§ **Problem to work on**
Locate the word "radius" in the data below, then copy every line that holds it.

Exercise input START

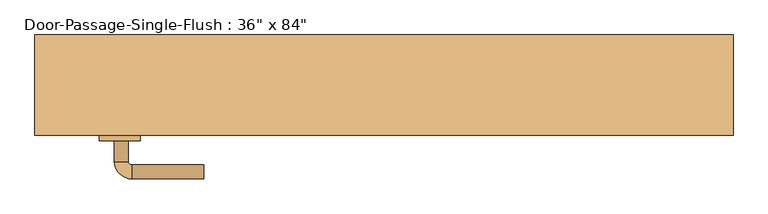
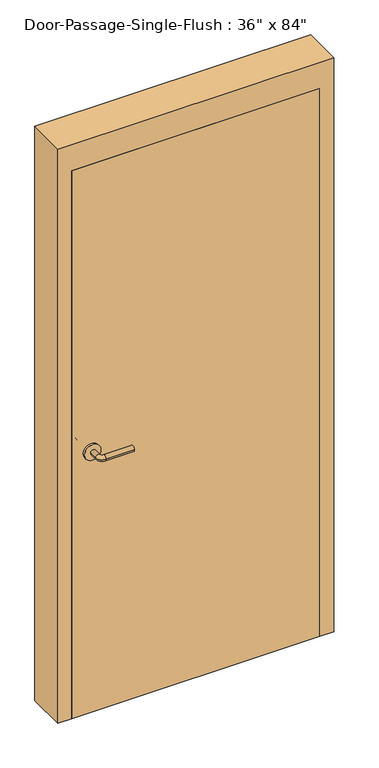
"""IFC4 building model written with IfcOpenShell, lengths in millimetres: door geometry."""

import ifcopenshell
import ifcopenshell.guid

model = None  # the IFC model being written
_history = None  # IfcOwnerHistory: only IFC2X3 demands one
_inside = {}  # id of a spatial element -> (the spatial element, [elements in it])
_under = {}  # id of a project, library or spatial element -> (it, [spatial elements below it])
_declared = {}  # id of a project -> (the project, [libraries it declares])
_typed = {}  # id of a type object -> (the type object, [elements of that type])
_made_of = {}  # id of a material, layer set ... -> (it, [elements and type objects made of it])


def new_model(schema):
    """Start an empty IFC model of exactly this schema.

    Asked for "IFC4X3", IfcOpenShell would pick the latest addendum, in which some entities
    have other attributes; the version numbers below select the first issue.
    IFC2X3 requires an IfcOwnerHistory on every rooted entity: one is made here for all.
    """
    global model, _history
    if schema == "IFC4X3":
        model = ifcopenshell.file(schema_version=(4, 3, 0, 0))
    else:
        model = ifcopenshell.file(schema=schema)
    _inside.clear()
    _under.clear()
    _declared.clear()
    _typed.clear()
    _made_of.clear()
    _history = None
    if model.schema == "IFC2X3":
        org = make("IfcOrganization", Name="unknown")
        user = make(
            "IfcPersonAndOrganization",
            ThePerson=make("IfcPerson", FamilyName="unknown"),
            TheOrganization=org,
        )
        app = make(
            "IfcApplication",
            ApplicationDeveloper=org,
            Version="unknown",
            ApplicationFullName="unknown",
            ApplicationIdentifier="unknown",
        )
        _history = make(
            "IfcOwnerHistory",
            OwningUser=user,
            OwningApplication=app,
            ChangeAction="ADDED",
            CreationDate=0,
        )
    return model


def make(cls, **values):
    """One entity of the class cls with the attributes given. An attribute that is None is left unset."""
    return model.create_entity(
        cls, **{name: value for name, value in values.items() if value is not None}
    )


def rooted(cls, **values):
    """An entity with a GlobalId (a new one), such as an element, a storey or a relation."""
    return make(cls, GlobalId=ifcopenshell.guid.new(), OwnerHistory=_history, **values)


def si_unit(unit_type, name, prefix=None):
    """IfcSIUnit, for example si_unit("LENGTHUNIT", "METRE", prefix="MILLI")."""
    return make("IfcSIUnit", UnitType=unit_type, Prefix=prefix, Name=name)


def assignment(units):
    """IfcUnitAssignment: the units of a project."""
    return None if units is None else make("IfcUnitAssignment", Units=units)


def point(xyz):
    """IfcCartesianPoint."""
    return None if xyz is None else make("IfcCartesianPoint", Coordinates=xyz)


def direction(xyz):
    """IfcDirection."""
    return None if xyz is None else make("IfcDirection", DirectionRatios=xyz)


def frame(location, z_axis=None, x_axis=None):
    """IfcAxis2Placement3D, a coordinate frame: its origin and axes. An axis left out is left unset."""
    return make(
        "IfcAxis2Placement3D",
        Location=point(location),
        Axis=direction(z_axis),
        RefDirection=direction(x_axis),
    )


def frame_2d(location, x_axis=None):
    """IfcAxis2Placement2D, a coordinate frame in the plane: its origin and x axis."""
    return make(
        "IfcAxis2Placement2D", Location=point(location), RefDirection=direction(x_axis)
    )


def origin():
    """The frame at (0, 0, 0) with its axes left unset."""
    return frame((0.0, 0.0, 0.0))


def origin_with_axes():
    """The frame at (0, 0, 0) with the z axis (0, 0, 1) and the x axis (1, 0, 0) written out."""
    return frame((0.0, 0.0, 0.0), z_axis=(0.0, 0.0, 1.0), x_axis=(1.0, 0.0, 0.0))


def place(relative_to, where):
    """IfcLocalPlacement: puts the frame where relative to a parent placement (None: the world)."""
    return make(
        "IfcLocalPlacement", PlacementRelTo=relative_to, RelativePlacement=where
    )


def context(
    kind, dimensions, precision=None, world=None, true_north=None, identifier=None
):
    """IfcGeometricRepresentationContext, for example the 3D "Model" context."""
    return make(
        "IfcGeometricRepresentationContext",
        ContextIdentifier=identifier,
        ContextType=kind,
        CoordinateSpaceDimension=dimensions,
        Precision=precision,
        WorldCoordinateSystem=world,
        TrueNorth=true_north,
    )


def project(units=None, contexts=None):
    """IfcProject with its units and contexts."""
    return rooted(
        "IfcProject",
        Name="project",
        RepresentationContexts=contexts,
        UnitsInContext=assignment(units),
    )


def spatial(cls, under=None, at=None, **own):
    """A site, building, storey or space (cls), placed at a placement, below another one or the project."""
    s = rooted(cls, ObjectPlacement=at, **own)
    if under is not None:
        _under.setdefault(under.id(), (under, []))[1].append(s)
    return s


def polyline(points):
    """IfcPolyline through the points."""
    return make("IfcPolyline", Points=[point(p) for p in points])


def circle_curve(where, radius):
    """IfcCircle in the frame where."""
    return make("IfcCircle", Position=where, Radius=radius)


def ellipse_curve(where, semi_axis1, semi_axis2):
    """IfcEllipse in the frame where."""
    return make(
        "IfcEllipse", Position=where, SemiAxis1=semi_axis1, SemiAxis2=semi_axis2
    )


def trimmed(basis, trim1, trim2, sense, master):
    """IfcTrimmedCurve: the piece of a basis curve between two trims."""
    return make(
        "IfcTrimmedCurve",
        BasisCurve=basis,
        Trim1=trim1,
        Trim2=trim2,
        SenseAgreement=sense,
        MasterRepresentation=master,
    )


def segment(curve, same_sense, transition):
    """IfcCompositeCurveSegment."""
    return make(
        "IfcCompositeCurveSegment",
        Transition=transition,
        SameSense=same_sense,
        ParentCurve=curve,
    )


def composite_curve(segments, self_intersect=None):
    """IfcCompositeCurve: segments joined end to end."""
    return make("IfcCompositeCurve", Segments=segments, SelfIntersect=self_intersect)


def outline(outer, holes=None, kind="AREA"):
    """IfcArbitraryClosedProfileDef: a profile drawn as a closed curve; with holes, ...WithVoids."""
    if holes is None:
        return make("IfcArbitraryClosedProfileDef", ProfileType=kind, OuterCurve=outer)
    return make(
        "IfcArbitraryProfileDefWithVoids",
        ProfileType=kind,
        OuterCurve=outer,
        InnerCurves=holes,
    )


def extrude(swept, where, along, depth):
    """IfcExtrudedAreaSolid: the profile swept, set in the frame where, extruded along a direction by depth."""
    return make(
        "IfcExtrudedAreaSolid",
        SweptArea=swept,
        Position=where,
        ExtrudedDirection=direction(along),
        Depth=depth,
    )


def faces_of(points, faces, orient=None, outer=None):
    """IfcFace entities. A face is a list of loops; a loop is a list of indices into points, from 0.

    orient and outer hold one flag for each loop. By default every Orientation is true, the
    first loop of a face is its IfcFaceOuterBound and the others are IfcFaceBound.
    """
    made = []
    for i, loops in enumerate(faces):
        bounds = []
        for j, loop in enumerate(loops):
            is_outer = j == 0 if outer is None else outer[i][j]
            bounds.append(
                make(
                    "IfcFaceOuterBound" if is_outer else "IfcFaceBound",
                    Bound=make("IfcPolyLoop", Polygon=[points[k] for k in loop]),
                    Orientation=True if orient is None else orient[i][j],
                )
            )
        made.append(make("IfcFace", Bounds=bounds))
    return made


def faceted_brep(points, faces, orient=None, outer=None, voids=None):
    """IfcFacetedBrep: a solid bounded by flat faces; with voids (closed shells), ...WithVoids."""
    shared = [point(p) for p in points]
    hull = make("IfcClosedShell", CfsFaces=faces_of(shared, faces, orient, outer))
    if voids is None:
        return make("IfcFacetedBrep", Outer=hull)
    return make(
        "IfcFacetedBrepWithVoids",
        Outer=hull,
        Voids=[
            make(cls, CfsFaces=faces_of(shared, fs, o, b)) for cls, fs, o, b in voids
        ],
    )


def shape(context_of_items, identifier, shape_type, items):
    """IfcShapeRepresentation: the items that make up one representation, for example the "Body"."""
    return make(
        "IfcShapeRepresentation",
        ContextOfItems=context_of_items,
        RepresentationIdentifier=identifier,
        RepresentationType=shape_type,
        Items=items,
    )


def source(mapping_origin, context_of_items, identifier, shape_type, items):
    """IfcRepresentationMap: a shape defined once, which mapped items show again and again."""
    return make(
        "IfcRepresentationMap",
        MappingOrigin=mapping_origin,
        MappedRepresentation=shape(context_of_items, identifier, shape_type, items),
    )


def transform(
    local_origin,
    x_axis=None,
    y_axis=None,
    z_axis=None,
    scale=None,
    scale2=None,
    scale3=None,
    uniform=True,
):
    """IfcCartesianTransformationOperator3D, or its non-uniform kind. x_axis, y_axis, z_axis: its Axis1, 2, 3."""
    if uniform:
        return make(
            "IfcCartesianTransformationOperator3D",
            Axis1=direction(x_axis),
            Axis2=direction(y_axis),
            LocalOrigin=point(local_origin),
            Scale=scale,
            Axis3=direction(z_axis),
        )
    return make(
        "IfcCartesianTransformationOperator3DnonUniform",
        Axis1=direction(x_axis),
        Axis2=direction(y_axis),
        LocalOrigin=point(local_origin),
        Scale=scale,
        Axis3=direction(z_axis),
        Scale2=scale2,
        Scale3=scale3,
    )


def mapped(mapping_source, mapping_target):
    """IfcMappedItem: shows the shape of a source again, moved by a transform."""
    return make(
        "IfcMappedItem", MappingSource=mapping_source, MappingTarget=mapping_target
    )


def made_of(thing, what):
    """Note that an element or type object is made of a material, layer set ...; save() writes the relation."""
    if what is not None:
        _made_of.setdefault(what.id(), (what, []))[1].append(thing)
    return thing


def element(
    cls,
    number,
    at=None,
    inside=None,
    cuts=None,
    type_object=None,
    material=None,
    context=None,
    identifier="Body",
    shape_type=None,
    held_by="IfcProductDefinitionShape",
    body=None,
    shapes=None,
    **own,
):
    """One element of the class cls, such as IfcWall. Its Tag is "e" and its number.

    at: its placement. inside: the storey or other place that contains it. cuts: it is an
    opening in that element (IfcRelVoidsElement). A single representation is given by context,
    identifier, shape_type and body (its items); several are given by shapes. held_by: the class
    of the entity that holds the representations. save() writes the other relations.
    """
    e = rooted(cls, Tag="e%d" % number, ObjectPlacement=at, **own)
    if body is not None:
        shapes = [shape(context, identifier, shape_type, body)]
    if shapes is not None:
        e.Representation = make(held_by, Representations=shapes)
    if inside is not None:
        _inside.setdefault(inside.id(), (inside, []))[1].append(e)
    if cuts is not None:
        rooted(
            "IfcRelVoidsElement", RelatingBuildingElement=cuts, RelatedOpeningElement=e
        )
    if type_object is not None:
        _typed.setdefault(type_object.id(), (type_object, []))[1].append(e)
    return made_of(e, material)


def aggregate(whole, parts):
    """IfcRelAggregates: a whole, such as a stair, and the parts it consists of."""
    return rooted("IfcRelAggregates", RelatingObject=whole, RelatedObjects=parts)


def save(model, path):
    """Write the relations noted so far, then the file.

    IfcRelAggregates (storeys below a building ...), IfcRelContainedInSpatialStructure (elements
    in a storey), IfcRelDefinesByType, IfcRelAssociatesMaterial and IfcRelDeclares: one each for
    every whole, place, type object, material and project.
    """
    for whole, parts in _under.values():
        aggregate(whole, parts)
    for where, things in _inside.values():
        rooted(
            "IfcRelContainedInSpatialStructure",
            RelatedElements=things,
            RelatingStructure=where,
        )
    for kind, things in _typed.values():
        rooted("IfcRelDefinesByType", RelatedObjects=things, RelatingType=kind)
    for what, things in _made_of.values():
        rooted("IfcRelAssociatesMaterial", RelatedObjects=things, RelatingMaterial=what)
    for by, libraries in _declared.values():
        rooted("IfcRelDeclares", RelatingContext=by, RelatedDefinitions=libraries)
    model.write(path)


def plane_surface(at):
    """IfcPlane: the flat surface through the origin of the frame at, square to its z axis."""
    return make("IfcPlane", Position=at)


def cylinder_surface(at, radius):
    """IfcCylindricalSurface: all points at the distance radius from the z axis of the frame at."""
    return make("IfcCylindricalSurface", Position=at, Radius=radius)


def revolved_surface(curve, axis_point, axis_direction):
    """IfcSurfaceOfRevolution: the curve turned about the line through axis_point along axis_direction."""
    return make(
        "IfcSurfaceOfRevolution",
        SweptCurve=make("IfcArbitraryOpenProfileDef", ProfileType="CURVE", Curve=curve),
        AxisPosition=make("IfcAxis1Placement", Location=point(axis_point), Axis=direction(axis_direction)),
    )


def advanced_brep(points, edges, surfaces, faces):
    """IfcAdvancedBrep: a solid bounded by faces that lie on surfaces and meet in shared edges.

    An edge is (start, end): straight between two places in points (the first is 0);
    or (start, end, curve); or (start, end, curve, False) where it runs against its curve.
    A face is (place in surfaces, loops), or (place, loops, False) where it looks against
    its surface's normal. A loop lists edges by number (the first is 1), with a minus sign
    where the edge is run from its end to its start. The first loop is the outer one.
    """
    corners = [point(p) for p in points]
    vertices = [make("IfcVertexPoint", VertexGeometry=c) for c in corners]
    made = []
    for start, end, *more in edges:
        made.append(
            make(
                "IfcEdgeCurve",
                EdgeStart=vertices[start],
                EdgeEnd=vertices[end],
                EdgeGeometry=more[0] if more else make("IfcPolyline", Points=[corners[start], corners[end]]),
                SameSense=more[1] if len(more) > 1 else True,
            )
        )
    hull = []
    for where, loops, *sense in faces:
        bounds = []
        for j, loop in enumerate(loops):
            ring = [make("IfcOrientedEdge", EdgeElement=made[abs(k) - 1], Orientation=k > 0) for k in loop]
            bounds.append(
                make(
                    "IfcFaceOuterBound" if j == 0 else "IfcFaceBound",
                    Bound=make("IfcEdgeLoop", EdgeList=ring),
                    Orientation=True,
                )
            )
        hull.append(make("IfcAdvancedFace", Bounds=bounds, FaceSurface=surfaces[where], SameSense=sense[0] if sense else True))
    return make("IfcAdvancedBrep", Outer=make("IfcClosedShell", CfsFaces=hull))


def door_01a91e93(model_context):
    return source(origin(), model_context, "Body", "SolidModel", [
        advanced_brep(
        [(-392.190625, -96.775, 1016.0), (-372.190625, -96.775, 1016.0), (-392.190625, -66.775, 1016.0), (-372.190625, -66.775, 1016.0), (-367.190625, -61.775, 1016.0), (-367.190625, -41.775, 1016.0), (-262.190625, -41.775, 1016.0), (-262.190625, -61.775, 1016.0)],
        [
            (0, 1, circle_curve(frame((-382.190625, -96.775, 1016.0), z_axis=(0.0, -1.0, 0.0), x_axis=(1.0, 0.0, 0.0)), 10.0)),
            (1, 0, circle_curve(frame((-382.190625, -96.775, 1016.0), z_axis=(0.0, -1.0, 0.0), x_axis=(1.0, 0.0, 0.0)), 10.0)),
            (0, 2),
            (2, 3, circle_curve(frame((-382.190625, -66.775, 1016.0), z_axis=(0.0, -1.0, 0.0), x_axis=(1.0, 0.0, 0.0)), 10.0)),
            (3, 1),
            (3, 2, circle_curve(frame((-382.190625, -66.775, 1016.0), z_axis=(0.0, -1.0, 0.0), x_axis=(1.0, 0.0, 0.0)), 10.0)),
            (4, 3, circle_curve(frame((-367.190625, -66.775, 1016.0), z_axis=(0.0, 0.0, 1.0), x_axis=(-1.0, 0.0, 0.0)), 5.0)),
            (2, 5, circle_curve(frame((-367.190625, -66.775, 1016.0), z_axis=(0.0, 0.0, -1.0), x_axis=(-1.0, 0.0, 0.0)), 25.0)),
            (5, 4, circle_curve(frame((-367.190625, -51.775, 1016.0), z_axis=(-1.0, 0.0, 0.0), x_axis=(0.0, -1.0, 0.0)), 10.0)),
            (4, 5, circle_curve(frame((-367.190625, -51.775, 1016.0), z_axis=(-1.0, 0.0, 0.0), x_axis=(0.0, -1.0, 0.0)), 10.0)),
            (6, 7, circle_curve(frame((-262.190625, -51.775, 1016.0), z_axis=(1.0, 0.0, 0.0), x_axis=(0.0, -1.0, 0.0)), 10.0)),
            (7, 6, circle_curve(frame((-262.190625, -51.775, 1016.0), z_axis=(1.0, 0.0, 0.0), x_axis=(0.0, -1.0, 0.0)), 10.0)),
            (5, 6),
            (7, 4),
        ],
        [
            plane_surface(frame((-382.190625, -96.775, 1016.0), z_axis=(0.0, -1.0, 0.0), x_axis=(0.0, 0.0, 1.0))),
            cylinder_surface(frame((-382.190625, -96.775, 1016.0), z_axis=(0.0, -1.0, 0.0), x_axis=(1.0, 0.0, 0.0)), 10.0),
            revolved_surface(trimmed(ellipse_curve(frame((-382.190625, -66.775, 1016.0), z_axis=(0.0, -1.0, 0.0), x_axis=(1.0, 0.0, 0.0)), 10.0, 10.0), [point((-392.190625, -66.775, 1016.0))], [point((-372.190625, -66.775, 1016.0))], True, "CARTESIAN"), (-367.190625, -66.775, 1016.0), (0.0, 0.0, -1.0)),
            revolved_surface(trimmed(ellipse_curve(frame((-382.190625, -66.775, 1016.0), z_axis=(0.0, -1.0, 0.0), x_axis=(1.0, 0.0, 0.0)), 10.0, 10.0), [point((-372.190625, -66.775, 1016.0))], [point((-392.190625, -66.775, 1016.0))], True, "CARTESIAN"), (-367.190625, -66.775, 1016.0), (0.0, 0.0, -1.0)),
            plane_surface(frame((-262.190625, -51.775, 1016.0), z_axis=(1.0, 0.0, 0.0), x_axis=(0.0, 0.0, 1.0))),
            cylinder_surface(frame((-367.190625, -51.775, 1016.0), z_axis=(-1.0, 0.0, 0.0), x_axis=(0.0, -1.0, 0.0)), 10.0),
        ],
        [
            (0, [[1, 2]]),
            (1, [[-1, 3, 4, 5]]),
            (1, [[-2, -5, 6, -3]]),
            (2, [[7, -4, 8, 9]]),
            (3, [[-8, -6, -7, 10]]),
            (4, [[11, 12]]),
            (5, [[-9, 13, -12, 14]]),
            (5, [[-10, -14, -11, -13]]),
        ],
    ),
        extrude(outline(composite_curve([segment(trimmed(circle_curve(frame_2d((1016.0, -384.690625)), 30.0), [point((1016.0, -414.690625))], [point((1016.0, -354.690625))], False, "CARTESIAN"), True, "CONTINUOUS"), segment(trimmed(circle_curve(frame_2d((1016.0, -384.690625)), 30.0), [point((1016.0, -354.690625))], [point((1016.0, -414.690625))], False, "CARTESIAN"), True, "CONTINUOUS")], self_intersect=False)), frame((0.0, -104.775, 0.0), z_axis=(0.0, 1.0, 0.0), x_axis=(0.0, 0.0, 1.0)), (0.0, 0.0, 1.0), 8.0),
        advanced_brep(
        [(-392.190625, -157.225, 1016.0), (-372.190625, -157.225, 1016.0), (-372.190625, -187.225, 1016.0), (-392.190625, -187.225, 1016.0), (-367.190625, -192.225, 1016.0), (-367.190625, -212.225, 1016.0), (-262.190625, -212.225, 1016.0), (-262.190625, -192.225, 1016.0)],
        [
            (0, 1, circle_curve(frame((-382.190625, -157.225, 1016.0), z_axis=(0.0, 1.0, 0.0), x_axis=(1.0, 0.0, 0.0)), 10.0)),
            (1, 0, circle_curve(frame((-382.190625, -157.225, 1016.0), z_axis=(0.0, 1.0, 0.0), x_axis=(1.0, 0.0, 0.0)), 10.0)),
            (1, 2),
            (2, 3, circle_curve(frame((-382.190625, -187.225, 1016.0), z_axis=(0.0, 1.0, 0.0), x_axis=(1.0, 0.0, 0.0)), 10.0)),
            (3, 0),
            (3, 2, circle_curve(frame((-382.190625, -187.225, 1016.0), z_axis=(0.0, 1.0, 0.0), x_axis=(1.0, 0.0, 0.0)), 10.0)),
            (4, 5, circle_curve(frame((-367.190625, -202.225, 1016.0), z_axis=(-1.0, 0.0, 0.0), x_axis=(0.0, 1.0, 0.0)), 10.0)),
            (5, 3, circle_curve(frame((-367.190625, -187.225, 1016.0), z_axis=(0.0, 0.0, -1.0), x_axis=(-1.0, 0.0, 0.0)), 25.0)),
            (2, 4, circle_curve(frame((-367.190625, -187.225, 1016.0), z_axis=(0.0, 0.0, 1.0), x_axis=(-1.0, 0.0, 0.0)), 5.0)),
            (5, 4, circle_curve(frame((-367.190625, -202.225, 1016.0), z_axis=(-1.0, 0.0, 0.0), x_axis=(0.0, 1.0, 0.0)), 10.0)),
            (6, 7, circle_curve(frame((-262.190625, -202.225, 1016.0), z_axis=(1.0, 0.0, 0.0), x_axis=(0.0, 1.0, 0.0)), 10.0)),
            (7, 6, circle_curve(frame((-262.190625, -202.225, 1016.0), z_axis=(1.0, 0.0, 0.0), x_axis=(0.0, 1.0, 0.0)), 10.0)),
            (4, 7),
            (6, 5),
        ],
        [
            plane_surface(frame((-382.190625, -157.225, 1016.0), z_axis=(0.0, 1.0, 0.0), x_axis=(0.0, 0.0, 1.0))),
            cylinder_surface(frame((-382.190625, -157.225, 1016.0), z_axis=(0.0, 1.0, 0.0), x_axis=(1.0, 0.0, 0.0)), 10.0),
            revolved_surface(trimmed(ellipse_curve(frame((-382.190625, -187.225, 1016.0), z_axis=(0.0, -1.0, 0.0), x_axis=(1.0, 0.0, 0.0)), 10.0, 10.0), [point((-392.190625, -187.225, 1016.0))], [point((-372.190625, -187.225, 1016.0))], True, "CARTESIAN"), (-367.190625, -187.225, 1016.0), (0.0, 0.0, -1.0)),
            revolved_surface(trimmed(ellipse_curve(frame((-382.190625, -187.225, 1016.0), z_axis=(0.0, -1.0, 0.0), x_axis=(1.0, 0.0, 0.0)), 10.0, 10.0), [point((-372.190625, -187.225, 1016.0))], [point((-392.190625, -187.225, 1016.0))], True, "CARTESIAN"), (-367.190625, -187.225, 1016.0), (0.0, 0.0, -1.0)),
            plane_surface(frame((-262.190625, -202.225, 1016.0), z_axis=(1.0, 0.0, 0.0), x_axis=(0.0, 0.0, 1.0))),
            cylinder_surface(frame((-367.190625, -202.225, 1016.0), z_axis=(-1.0, 0.0, 0.0), x_axis=(0.0, 1.0, 0.0)), 10.0),
        ],
        [
            (0, [[1, 2]]),
            (1, [[3, 4, 5, -2]]),
            (1, [[-5, 6, -3, -1]]),
            (2, [[7, 8, -4, 9]]),
            (3, [[10, -9, -6, -8]]),
            (4, [[11, 12]]),
            (5, [[13, -11, 14, -7]]),
            (5, [[-14, -12, -13, -10]]),
        ],
    ),
        extrude(outline(composite_curve([segment(trimmed(circle_curve(frame_2d((1016.0, -384.690625)), 30.0), [point((1016.0, -414.690625))], [point((1016.0, -354.690625))], False, "CARTESIAN"), True, "CONTINUOUS"), segment(trimmed(circle_curve(frame_2d((1016.0, -384.690625)), 30.0), [point((1016.0, -354.690625))], [point((1016.0, -414.690625))], False, "CARTESIAN"), True, "CONTINUOUS")], self_intersect=False)), frame((0.0, -157.225, 0.0), z_axis=(0.0, 1.0, 0.0), x_axis=(0.0, 0.0, 1.0)), (0.0, 0.0, 1.0), 8.0),
        faceted_brep([(457.2, -100.0125, 0.0), (441.325, -100.0125, 0.0), (441.325, -52.3875, 0.0), (457.2, -52.3875, 0.0), (457.2, -3.175, 0.0), (508.0, -3.175, 0.0), (508.0, -149.225, 0.0), (457.2, -149.225, 0.0), (457.2, -149.225, 2133.6), (457.2, -100.0125, 2133.6), (508.0, -149.225, 2235.2), (-508.0, -149.225, 2235.2), (-508.0, -149.225, 0.0), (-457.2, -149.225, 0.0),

Exercise input END

§ **Written answer**
def circle_curve(where, radius):
    return make("IfcCircle", Position=where, Radius=radius)
def cylinder_surface(at, radius):
    """IfcCylindricalSurface: all points at the distance radius from the z axis of the frame at."""
    return make("IfcCylindricalSurface", Position=at, Radius=radius)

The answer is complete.